Intrigued but wary, I took some time out to build a generic TCP proxy that could handle any TCP-based protocol, not just HTTP. Once complete, my proxy allowed me to inspect the uncooperative app’s communications with its servers. This meant that I could continue to creep on my fake dummy profile, with some promising results.
In this 4-part series, I will show you how to build a TCP proxy of your own. At the end of the project you’ll be able to use your proxy to intercept, record, edit, and replay all of your smartphone’s TCP traffic, not just HTTP. You’ll have learned a lot about many of the key technologies underpinning the internet, including DNS, TLS, and TCP. And you too will be able to try and rediscover the exact whereabouts of your own Testington McTest, age 28, lives in San Francisco, likes “Testing”.
1. What is a proxy?
A proxy is an intermediary that sends messages to a server on a client’s behalf. When browsing the internet using a proxy, you don’t directly ask Google “how do I cheat at poker?”. Instead you send a request to your proxy, asking it to ask Google how to cheat at poker for you. Your proxy asks Google, and sends you back the response. Google knows that it was talking to your proxy, but doesn’t necessarily know that it was you on the other side.
Proxies are widely used for privacy, content filtering, censorship bypassing, caching, and security penetration testing.
We are going to build a particular type of proxy known as a “man-in-the-middle” (MITM). MITM proxies are commonly used by security penetration testers in order to read, log, and modify the data that a client (like a smartphone) exchanges with a remote server (like a dating app).
Suppose that you wanted to use a MITM proxy (running on your own laptop) to inspect the traffic sent to and from your favorite dating app. You would instruct your smartphone to send its traffic to your MITM proxy, instead of sending it directly to the dating app’s servers. Your smartphone would no longer ask the dating app’s servers “how far away is Alex?”. Rather, it would ask your MITM proxy to ask the dating app how far away Alex is on your behalf.
Your MITM proxy would make this request, and send back to your smartphone any response that it got. It would also log the contents of the request and response to a file, allowing you to see what they contained. This is what makes a proxy a man-in-the-middle. You could use the information from these logs to modify requests from your smartphone on their way out, or even to spoof your own requests entirely from scratch.
2. Proxy Design
Our proxy will consist of 3 components, each of which solves a different problem:
- A fake DNS Server, to trick your smartphone into sending its TCP traffic to our proxy
- A Proxy Server, to manage data flow between your smartphone and the remote server
- A fake Certificate Authority, to handle TLS encryption between your smartphone and our proxy
This project is divided into 4 installments. This first installment gives an overview of the proxy’s design, and an introduction to the protocols and techniques that we will be using. The final three installments each describe how to build one of the above components, and give some extra color on the technologies involved.
2.1 Building a Fake DNS Server
We’re going to start by building a Fake DNS Server and using it to persuade your smartphone to send its traffic to our proxy.

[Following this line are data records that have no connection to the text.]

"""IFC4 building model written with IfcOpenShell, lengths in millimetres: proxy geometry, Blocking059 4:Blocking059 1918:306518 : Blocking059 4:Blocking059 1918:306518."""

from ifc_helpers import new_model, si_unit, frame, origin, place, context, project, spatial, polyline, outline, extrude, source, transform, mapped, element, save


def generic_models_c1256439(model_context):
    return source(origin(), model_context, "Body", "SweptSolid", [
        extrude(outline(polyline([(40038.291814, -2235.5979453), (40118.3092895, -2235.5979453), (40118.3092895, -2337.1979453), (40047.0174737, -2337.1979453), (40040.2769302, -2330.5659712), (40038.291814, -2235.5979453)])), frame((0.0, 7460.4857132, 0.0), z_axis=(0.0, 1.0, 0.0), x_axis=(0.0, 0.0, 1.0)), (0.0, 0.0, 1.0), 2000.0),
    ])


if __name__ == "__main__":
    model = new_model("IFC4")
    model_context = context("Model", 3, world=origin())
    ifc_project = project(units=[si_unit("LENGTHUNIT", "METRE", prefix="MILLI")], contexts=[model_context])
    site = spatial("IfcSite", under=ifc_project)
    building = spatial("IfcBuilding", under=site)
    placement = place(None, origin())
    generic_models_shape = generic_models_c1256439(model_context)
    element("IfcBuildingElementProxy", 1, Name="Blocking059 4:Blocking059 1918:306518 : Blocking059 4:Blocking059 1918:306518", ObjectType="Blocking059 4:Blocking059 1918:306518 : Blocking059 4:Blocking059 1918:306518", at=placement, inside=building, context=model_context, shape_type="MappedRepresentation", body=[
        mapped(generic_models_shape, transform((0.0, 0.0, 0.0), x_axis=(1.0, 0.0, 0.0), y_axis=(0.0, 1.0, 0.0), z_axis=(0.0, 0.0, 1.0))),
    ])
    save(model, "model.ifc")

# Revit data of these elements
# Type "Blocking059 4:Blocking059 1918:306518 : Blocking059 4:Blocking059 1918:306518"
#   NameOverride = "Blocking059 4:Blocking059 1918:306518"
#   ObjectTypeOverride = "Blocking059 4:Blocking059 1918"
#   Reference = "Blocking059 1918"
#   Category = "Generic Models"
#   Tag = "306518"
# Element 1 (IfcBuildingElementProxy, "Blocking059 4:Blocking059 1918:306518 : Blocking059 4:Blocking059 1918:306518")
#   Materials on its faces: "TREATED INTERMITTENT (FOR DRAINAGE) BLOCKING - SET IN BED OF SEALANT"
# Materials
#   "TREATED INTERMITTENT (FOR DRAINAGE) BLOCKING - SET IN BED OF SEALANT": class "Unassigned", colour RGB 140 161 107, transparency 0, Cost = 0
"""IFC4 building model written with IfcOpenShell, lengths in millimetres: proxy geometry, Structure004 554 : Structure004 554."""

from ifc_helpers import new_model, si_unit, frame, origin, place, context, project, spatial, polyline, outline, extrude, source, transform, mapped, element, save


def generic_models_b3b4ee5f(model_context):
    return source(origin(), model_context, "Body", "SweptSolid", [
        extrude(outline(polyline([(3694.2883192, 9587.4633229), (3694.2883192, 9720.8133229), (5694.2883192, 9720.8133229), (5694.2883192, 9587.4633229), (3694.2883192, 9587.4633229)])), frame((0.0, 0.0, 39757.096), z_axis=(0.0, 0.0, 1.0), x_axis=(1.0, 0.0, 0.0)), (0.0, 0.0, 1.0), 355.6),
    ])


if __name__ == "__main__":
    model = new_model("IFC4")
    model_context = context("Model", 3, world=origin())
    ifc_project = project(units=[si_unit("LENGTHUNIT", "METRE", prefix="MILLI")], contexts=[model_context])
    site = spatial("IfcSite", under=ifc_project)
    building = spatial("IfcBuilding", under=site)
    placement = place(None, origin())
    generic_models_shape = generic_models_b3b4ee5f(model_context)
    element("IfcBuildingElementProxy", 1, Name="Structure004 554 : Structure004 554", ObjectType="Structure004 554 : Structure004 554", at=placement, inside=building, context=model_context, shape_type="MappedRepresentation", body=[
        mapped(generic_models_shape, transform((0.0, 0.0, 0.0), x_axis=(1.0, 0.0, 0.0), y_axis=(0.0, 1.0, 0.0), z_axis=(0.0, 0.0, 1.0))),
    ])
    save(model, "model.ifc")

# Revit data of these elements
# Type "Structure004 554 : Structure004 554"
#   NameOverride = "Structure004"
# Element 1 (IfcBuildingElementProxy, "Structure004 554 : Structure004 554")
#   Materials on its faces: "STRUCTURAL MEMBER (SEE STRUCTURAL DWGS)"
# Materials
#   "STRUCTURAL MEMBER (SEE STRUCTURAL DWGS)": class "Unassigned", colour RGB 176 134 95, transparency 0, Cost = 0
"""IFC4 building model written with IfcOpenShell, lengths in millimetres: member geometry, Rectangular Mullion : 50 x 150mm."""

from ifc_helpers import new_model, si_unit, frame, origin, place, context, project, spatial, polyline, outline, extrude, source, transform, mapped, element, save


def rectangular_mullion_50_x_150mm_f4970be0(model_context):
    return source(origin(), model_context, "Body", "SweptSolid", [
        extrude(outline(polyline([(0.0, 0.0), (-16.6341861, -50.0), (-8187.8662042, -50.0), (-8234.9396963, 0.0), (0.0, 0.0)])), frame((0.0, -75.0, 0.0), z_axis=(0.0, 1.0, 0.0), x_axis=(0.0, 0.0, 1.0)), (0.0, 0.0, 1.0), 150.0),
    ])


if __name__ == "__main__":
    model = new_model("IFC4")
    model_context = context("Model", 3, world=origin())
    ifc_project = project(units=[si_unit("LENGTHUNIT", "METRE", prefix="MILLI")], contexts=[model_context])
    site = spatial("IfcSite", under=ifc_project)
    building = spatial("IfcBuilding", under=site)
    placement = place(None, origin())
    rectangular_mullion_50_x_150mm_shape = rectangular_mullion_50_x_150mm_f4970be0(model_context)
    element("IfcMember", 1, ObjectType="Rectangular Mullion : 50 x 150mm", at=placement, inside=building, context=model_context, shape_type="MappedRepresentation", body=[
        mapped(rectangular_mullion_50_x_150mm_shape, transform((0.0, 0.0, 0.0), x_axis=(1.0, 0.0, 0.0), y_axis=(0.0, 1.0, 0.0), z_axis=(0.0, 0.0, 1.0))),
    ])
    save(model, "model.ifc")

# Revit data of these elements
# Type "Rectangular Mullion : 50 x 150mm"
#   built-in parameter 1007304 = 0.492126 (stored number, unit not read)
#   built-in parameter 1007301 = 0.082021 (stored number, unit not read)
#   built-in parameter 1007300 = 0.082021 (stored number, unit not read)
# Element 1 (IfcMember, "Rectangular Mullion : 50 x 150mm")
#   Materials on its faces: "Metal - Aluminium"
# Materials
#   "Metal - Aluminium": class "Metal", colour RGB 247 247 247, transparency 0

We humans think about sending data onto the internet using hostnames, like robertheaton.com
. However, the internet routes our data to its destination using IP addresses, like 104.18.33.191
. These two address systems are entirely distinct. IP addresses are inconvenient for humans (“visit my website at 104.18.33.191
” is not very snappy), but hostnames mean absolutely nothing to the internet backbone.
Devices, like your smartphone, translate between hostnames and IP addresses using the Domain Name System (DNS) protocol. There are 20 or so free and public DNS servers that each (roughly speaking) keep a database of all the mappings from hostnames to IP addresses. Google has a DNS server with IP address 8.8.8.8
. Verisign has one at 64.6.64.6
.
Suppose that you browse to my website, at robertheaton.com
. Before your device can send a request to my server, it needs to turn this hostname into an IP address that the internet backbone can understand. It makes a DNS A record request (from now on referred to simply as a “DNS request”) to a DNS server, asking it to translate robertheaton.com
into an IP address. Once the DNS server responds with 104.18.33.191
, your browser sends an HTTP request out onto the internet, addressed to this IP address.
You can choose which DNS server your smartphone uses to make these DNS translations by typing the server’s IP address into your smartphone’s system settings. All of the major DNS servers should give the same, correct answers, so usually this choice doesn’t really matter much.
Usually.
2.1.1 What is a fake DNS server?
There’s nothing special about a DNS server. It’s just a server that listens for and responds to DNS requests on UDP port 53. In fact, we can run a DNS server of our own on your laptop, and we can configure your smartphone to use this fake DNS server instead of Google’s or Verizon’s.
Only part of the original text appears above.